State how many lines in the records below contain the string "Testata", and give nothing besides that number.
----
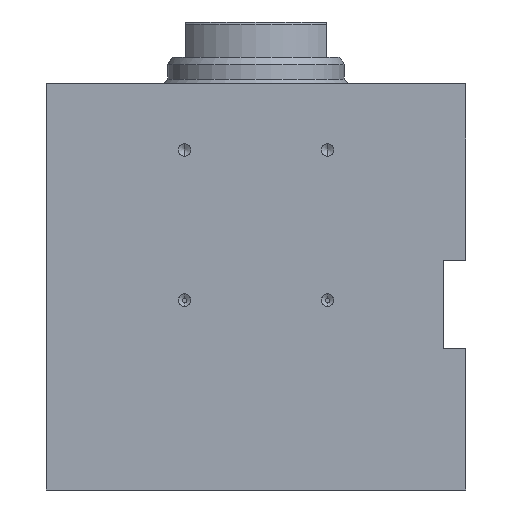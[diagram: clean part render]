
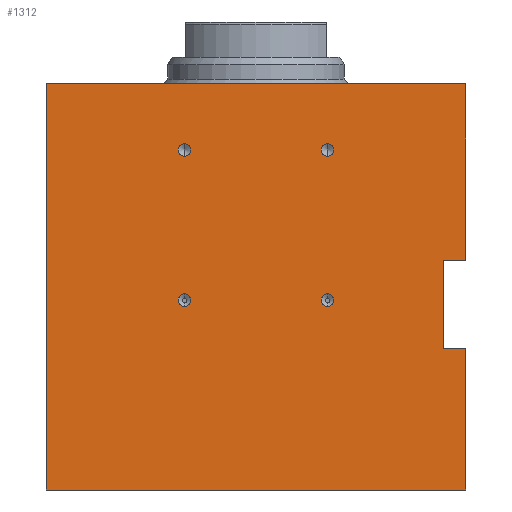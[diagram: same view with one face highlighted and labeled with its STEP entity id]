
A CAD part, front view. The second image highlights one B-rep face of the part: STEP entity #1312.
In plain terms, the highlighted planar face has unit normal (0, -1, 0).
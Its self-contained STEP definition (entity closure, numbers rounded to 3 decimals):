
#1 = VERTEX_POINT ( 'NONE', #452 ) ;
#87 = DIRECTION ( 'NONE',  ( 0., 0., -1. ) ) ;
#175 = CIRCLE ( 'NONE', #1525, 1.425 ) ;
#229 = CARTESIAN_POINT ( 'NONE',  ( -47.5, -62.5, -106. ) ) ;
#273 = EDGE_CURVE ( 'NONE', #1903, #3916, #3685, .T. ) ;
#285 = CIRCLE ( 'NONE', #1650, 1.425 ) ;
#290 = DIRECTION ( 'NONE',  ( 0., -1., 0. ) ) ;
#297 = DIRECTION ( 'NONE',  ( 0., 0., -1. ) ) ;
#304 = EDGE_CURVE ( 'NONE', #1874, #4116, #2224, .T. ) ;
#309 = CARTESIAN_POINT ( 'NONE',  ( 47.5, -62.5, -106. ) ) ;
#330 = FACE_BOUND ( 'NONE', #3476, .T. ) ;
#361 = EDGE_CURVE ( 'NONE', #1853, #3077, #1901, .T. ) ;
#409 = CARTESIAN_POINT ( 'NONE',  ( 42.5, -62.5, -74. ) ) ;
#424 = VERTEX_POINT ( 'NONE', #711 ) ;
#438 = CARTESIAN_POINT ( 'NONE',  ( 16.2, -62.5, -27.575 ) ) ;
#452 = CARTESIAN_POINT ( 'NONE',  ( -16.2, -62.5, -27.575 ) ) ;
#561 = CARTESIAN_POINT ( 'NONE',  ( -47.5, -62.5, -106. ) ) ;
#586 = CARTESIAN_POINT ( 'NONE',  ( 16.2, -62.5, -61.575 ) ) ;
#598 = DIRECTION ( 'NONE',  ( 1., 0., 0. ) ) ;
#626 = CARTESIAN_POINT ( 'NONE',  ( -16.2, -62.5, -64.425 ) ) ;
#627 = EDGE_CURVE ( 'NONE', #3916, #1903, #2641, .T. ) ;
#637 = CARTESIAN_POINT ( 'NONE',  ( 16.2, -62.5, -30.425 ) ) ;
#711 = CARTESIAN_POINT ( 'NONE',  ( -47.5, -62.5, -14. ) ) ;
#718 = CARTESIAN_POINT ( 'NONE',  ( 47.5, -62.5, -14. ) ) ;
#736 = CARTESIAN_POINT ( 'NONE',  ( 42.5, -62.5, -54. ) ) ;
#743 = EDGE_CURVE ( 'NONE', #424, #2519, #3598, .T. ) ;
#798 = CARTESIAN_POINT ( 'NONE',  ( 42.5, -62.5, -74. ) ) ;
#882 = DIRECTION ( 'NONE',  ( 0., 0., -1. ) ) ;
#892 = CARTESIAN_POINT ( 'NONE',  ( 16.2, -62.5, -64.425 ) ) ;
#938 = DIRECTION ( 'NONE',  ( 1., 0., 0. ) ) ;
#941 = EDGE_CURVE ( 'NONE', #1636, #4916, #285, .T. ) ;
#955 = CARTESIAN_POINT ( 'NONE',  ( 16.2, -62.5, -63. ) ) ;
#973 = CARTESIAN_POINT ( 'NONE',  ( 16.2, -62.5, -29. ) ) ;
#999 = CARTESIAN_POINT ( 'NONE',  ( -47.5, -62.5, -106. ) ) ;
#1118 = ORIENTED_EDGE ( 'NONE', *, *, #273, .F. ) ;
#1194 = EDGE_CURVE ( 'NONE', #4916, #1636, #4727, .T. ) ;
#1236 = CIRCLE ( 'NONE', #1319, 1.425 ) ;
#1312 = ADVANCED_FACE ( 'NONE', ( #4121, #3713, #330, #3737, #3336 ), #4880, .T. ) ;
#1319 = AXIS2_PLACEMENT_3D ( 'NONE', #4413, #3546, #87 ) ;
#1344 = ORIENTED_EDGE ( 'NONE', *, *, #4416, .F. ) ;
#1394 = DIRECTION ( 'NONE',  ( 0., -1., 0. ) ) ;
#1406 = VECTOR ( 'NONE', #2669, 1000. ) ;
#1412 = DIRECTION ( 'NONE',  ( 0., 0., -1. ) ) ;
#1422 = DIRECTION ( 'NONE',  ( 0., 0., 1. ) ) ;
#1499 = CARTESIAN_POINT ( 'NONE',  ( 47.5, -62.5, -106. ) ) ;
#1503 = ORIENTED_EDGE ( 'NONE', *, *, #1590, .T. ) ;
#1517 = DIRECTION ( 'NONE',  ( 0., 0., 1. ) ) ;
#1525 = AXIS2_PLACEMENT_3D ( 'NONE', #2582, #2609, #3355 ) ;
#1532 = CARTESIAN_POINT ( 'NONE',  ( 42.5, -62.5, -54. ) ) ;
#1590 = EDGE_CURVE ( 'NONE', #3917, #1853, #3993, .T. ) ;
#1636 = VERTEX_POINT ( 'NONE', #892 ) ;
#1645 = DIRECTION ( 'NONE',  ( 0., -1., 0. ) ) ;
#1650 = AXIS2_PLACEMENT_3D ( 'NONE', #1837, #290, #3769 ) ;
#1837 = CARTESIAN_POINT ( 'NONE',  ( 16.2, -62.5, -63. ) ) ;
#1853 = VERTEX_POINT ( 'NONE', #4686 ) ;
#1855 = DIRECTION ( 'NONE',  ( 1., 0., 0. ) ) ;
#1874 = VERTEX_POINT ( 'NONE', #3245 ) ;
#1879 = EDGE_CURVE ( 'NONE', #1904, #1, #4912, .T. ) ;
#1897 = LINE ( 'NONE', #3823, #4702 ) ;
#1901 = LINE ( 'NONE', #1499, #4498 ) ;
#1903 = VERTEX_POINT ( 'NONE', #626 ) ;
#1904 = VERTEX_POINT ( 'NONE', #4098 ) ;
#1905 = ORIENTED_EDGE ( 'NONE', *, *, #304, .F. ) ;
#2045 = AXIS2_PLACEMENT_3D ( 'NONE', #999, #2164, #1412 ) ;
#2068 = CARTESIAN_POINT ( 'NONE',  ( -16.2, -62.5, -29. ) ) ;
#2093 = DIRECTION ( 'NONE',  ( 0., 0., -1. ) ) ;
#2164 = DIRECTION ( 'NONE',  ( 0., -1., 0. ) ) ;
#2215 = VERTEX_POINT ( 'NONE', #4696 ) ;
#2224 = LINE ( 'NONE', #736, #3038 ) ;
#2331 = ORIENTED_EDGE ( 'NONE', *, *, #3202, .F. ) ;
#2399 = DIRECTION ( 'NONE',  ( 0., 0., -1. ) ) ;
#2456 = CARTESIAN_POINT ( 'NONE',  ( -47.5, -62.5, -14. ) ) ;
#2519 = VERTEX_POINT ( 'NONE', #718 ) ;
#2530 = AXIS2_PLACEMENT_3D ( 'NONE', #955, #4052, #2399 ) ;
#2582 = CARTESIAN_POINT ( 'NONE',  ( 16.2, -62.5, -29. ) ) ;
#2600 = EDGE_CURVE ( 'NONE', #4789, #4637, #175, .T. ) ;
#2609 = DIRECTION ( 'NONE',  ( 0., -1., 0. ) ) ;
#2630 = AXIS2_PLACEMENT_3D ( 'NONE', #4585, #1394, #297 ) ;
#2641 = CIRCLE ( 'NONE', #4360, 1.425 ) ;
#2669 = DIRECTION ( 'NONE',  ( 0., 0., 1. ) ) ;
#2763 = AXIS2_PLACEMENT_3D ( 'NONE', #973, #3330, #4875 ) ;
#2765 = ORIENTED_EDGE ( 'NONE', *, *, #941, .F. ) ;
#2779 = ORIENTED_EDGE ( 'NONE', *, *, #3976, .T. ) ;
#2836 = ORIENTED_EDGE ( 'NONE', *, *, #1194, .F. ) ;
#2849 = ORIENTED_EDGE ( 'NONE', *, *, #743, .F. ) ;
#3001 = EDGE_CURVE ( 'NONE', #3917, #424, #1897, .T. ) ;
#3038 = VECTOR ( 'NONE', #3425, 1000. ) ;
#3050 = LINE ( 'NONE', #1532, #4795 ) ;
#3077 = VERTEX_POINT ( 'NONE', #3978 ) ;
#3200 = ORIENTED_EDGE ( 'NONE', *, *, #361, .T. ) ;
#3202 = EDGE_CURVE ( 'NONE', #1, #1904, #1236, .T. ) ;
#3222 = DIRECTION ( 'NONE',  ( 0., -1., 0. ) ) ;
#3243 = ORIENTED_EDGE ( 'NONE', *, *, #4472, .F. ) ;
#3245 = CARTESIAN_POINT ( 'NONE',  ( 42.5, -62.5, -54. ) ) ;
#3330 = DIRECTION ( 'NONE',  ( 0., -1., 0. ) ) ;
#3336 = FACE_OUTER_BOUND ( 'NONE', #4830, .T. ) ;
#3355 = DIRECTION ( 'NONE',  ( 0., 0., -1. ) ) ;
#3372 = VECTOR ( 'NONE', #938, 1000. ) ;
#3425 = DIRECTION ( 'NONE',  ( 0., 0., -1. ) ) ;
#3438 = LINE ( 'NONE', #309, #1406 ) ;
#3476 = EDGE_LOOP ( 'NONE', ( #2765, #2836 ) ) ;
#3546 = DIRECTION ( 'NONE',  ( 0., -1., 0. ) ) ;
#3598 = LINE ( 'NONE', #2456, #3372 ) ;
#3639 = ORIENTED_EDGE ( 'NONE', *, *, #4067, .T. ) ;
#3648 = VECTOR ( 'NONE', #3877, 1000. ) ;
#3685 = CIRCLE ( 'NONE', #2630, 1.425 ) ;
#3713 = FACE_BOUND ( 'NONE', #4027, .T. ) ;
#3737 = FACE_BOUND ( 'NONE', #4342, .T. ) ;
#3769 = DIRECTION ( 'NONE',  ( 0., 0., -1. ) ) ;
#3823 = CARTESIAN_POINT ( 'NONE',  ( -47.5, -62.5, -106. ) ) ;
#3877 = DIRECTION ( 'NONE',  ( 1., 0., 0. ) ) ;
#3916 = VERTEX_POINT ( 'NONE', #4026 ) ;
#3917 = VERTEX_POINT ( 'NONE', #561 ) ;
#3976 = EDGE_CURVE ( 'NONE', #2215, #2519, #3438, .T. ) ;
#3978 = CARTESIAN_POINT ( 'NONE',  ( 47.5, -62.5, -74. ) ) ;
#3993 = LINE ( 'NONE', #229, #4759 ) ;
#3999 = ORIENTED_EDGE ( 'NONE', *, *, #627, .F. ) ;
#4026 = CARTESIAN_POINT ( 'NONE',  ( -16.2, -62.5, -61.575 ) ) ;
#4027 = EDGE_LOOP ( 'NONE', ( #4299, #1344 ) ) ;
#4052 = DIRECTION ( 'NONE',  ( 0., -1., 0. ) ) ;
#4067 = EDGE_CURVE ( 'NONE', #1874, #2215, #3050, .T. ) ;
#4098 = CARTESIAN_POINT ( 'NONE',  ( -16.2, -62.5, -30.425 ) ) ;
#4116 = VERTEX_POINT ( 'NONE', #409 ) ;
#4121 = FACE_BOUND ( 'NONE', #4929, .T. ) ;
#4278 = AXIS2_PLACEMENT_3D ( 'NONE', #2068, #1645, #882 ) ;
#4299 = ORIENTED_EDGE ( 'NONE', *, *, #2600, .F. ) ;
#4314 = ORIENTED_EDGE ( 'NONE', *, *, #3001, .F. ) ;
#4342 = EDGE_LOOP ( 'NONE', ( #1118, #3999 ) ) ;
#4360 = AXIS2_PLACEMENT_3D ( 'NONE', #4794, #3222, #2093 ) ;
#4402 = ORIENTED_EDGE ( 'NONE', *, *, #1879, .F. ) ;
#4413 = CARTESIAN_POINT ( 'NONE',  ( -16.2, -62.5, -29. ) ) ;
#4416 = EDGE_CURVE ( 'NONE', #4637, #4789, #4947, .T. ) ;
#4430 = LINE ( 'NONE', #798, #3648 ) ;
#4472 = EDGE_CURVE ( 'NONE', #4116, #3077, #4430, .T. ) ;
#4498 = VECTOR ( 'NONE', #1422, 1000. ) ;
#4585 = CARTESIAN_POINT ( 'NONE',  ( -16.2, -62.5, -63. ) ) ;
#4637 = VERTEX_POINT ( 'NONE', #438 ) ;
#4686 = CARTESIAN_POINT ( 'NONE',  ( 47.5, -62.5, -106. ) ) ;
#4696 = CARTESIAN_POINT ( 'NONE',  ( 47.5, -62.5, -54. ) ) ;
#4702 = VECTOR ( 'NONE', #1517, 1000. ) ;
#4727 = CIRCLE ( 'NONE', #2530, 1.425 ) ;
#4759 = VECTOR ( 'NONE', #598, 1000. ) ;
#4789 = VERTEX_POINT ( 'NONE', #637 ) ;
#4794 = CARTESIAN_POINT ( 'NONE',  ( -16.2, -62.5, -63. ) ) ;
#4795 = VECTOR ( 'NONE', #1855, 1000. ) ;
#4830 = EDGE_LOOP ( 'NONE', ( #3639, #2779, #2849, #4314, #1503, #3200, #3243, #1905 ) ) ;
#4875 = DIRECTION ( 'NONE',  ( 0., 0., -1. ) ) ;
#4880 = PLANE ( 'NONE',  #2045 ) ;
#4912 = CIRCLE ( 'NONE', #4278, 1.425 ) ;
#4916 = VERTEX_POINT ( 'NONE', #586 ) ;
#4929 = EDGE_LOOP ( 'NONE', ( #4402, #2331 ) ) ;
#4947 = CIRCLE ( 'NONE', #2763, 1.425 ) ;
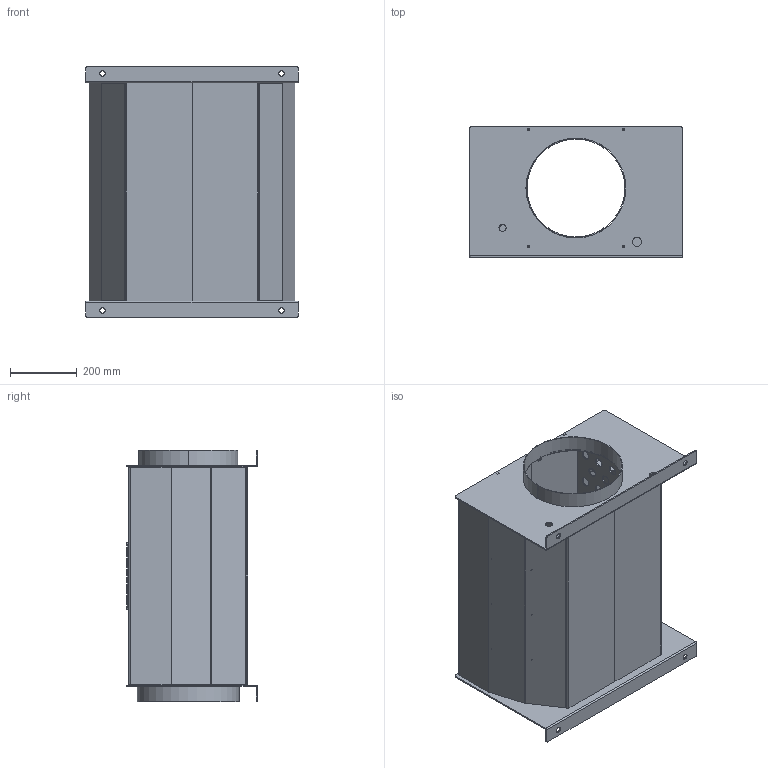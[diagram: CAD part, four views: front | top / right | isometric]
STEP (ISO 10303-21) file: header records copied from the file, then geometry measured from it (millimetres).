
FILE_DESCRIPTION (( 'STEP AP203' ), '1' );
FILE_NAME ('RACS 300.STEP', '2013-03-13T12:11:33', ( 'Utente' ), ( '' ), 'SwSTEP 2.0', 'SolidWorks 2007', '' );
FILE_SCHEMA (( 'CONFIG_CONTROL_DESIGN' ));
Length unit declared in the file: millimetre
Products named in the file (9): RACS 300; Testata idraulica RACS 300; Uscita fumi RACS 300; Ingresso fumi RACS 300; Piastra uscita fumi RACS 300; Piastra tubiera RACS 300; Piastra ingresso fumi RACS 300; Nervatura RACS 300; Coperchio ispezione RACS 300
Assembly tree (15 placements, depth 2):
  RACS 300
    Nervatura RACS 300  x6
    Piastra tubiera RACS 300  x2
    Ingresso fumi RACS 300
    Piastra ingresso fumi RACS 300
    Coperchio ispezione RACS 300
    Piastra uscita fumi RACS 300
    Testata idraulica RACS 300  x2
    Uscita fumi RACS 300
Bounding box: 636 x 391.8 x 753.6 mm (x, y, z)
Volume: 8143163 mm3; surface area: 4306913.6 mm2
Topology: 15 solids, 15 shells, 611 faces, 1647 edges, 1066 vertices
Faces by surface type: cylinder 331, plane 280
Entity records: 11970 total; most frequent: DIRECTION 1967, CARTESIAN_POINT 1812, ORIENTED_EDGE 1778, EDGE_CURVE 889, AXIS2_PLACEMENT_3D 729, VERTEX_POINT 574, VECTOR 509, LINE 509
----
TASK RESPONSE - 2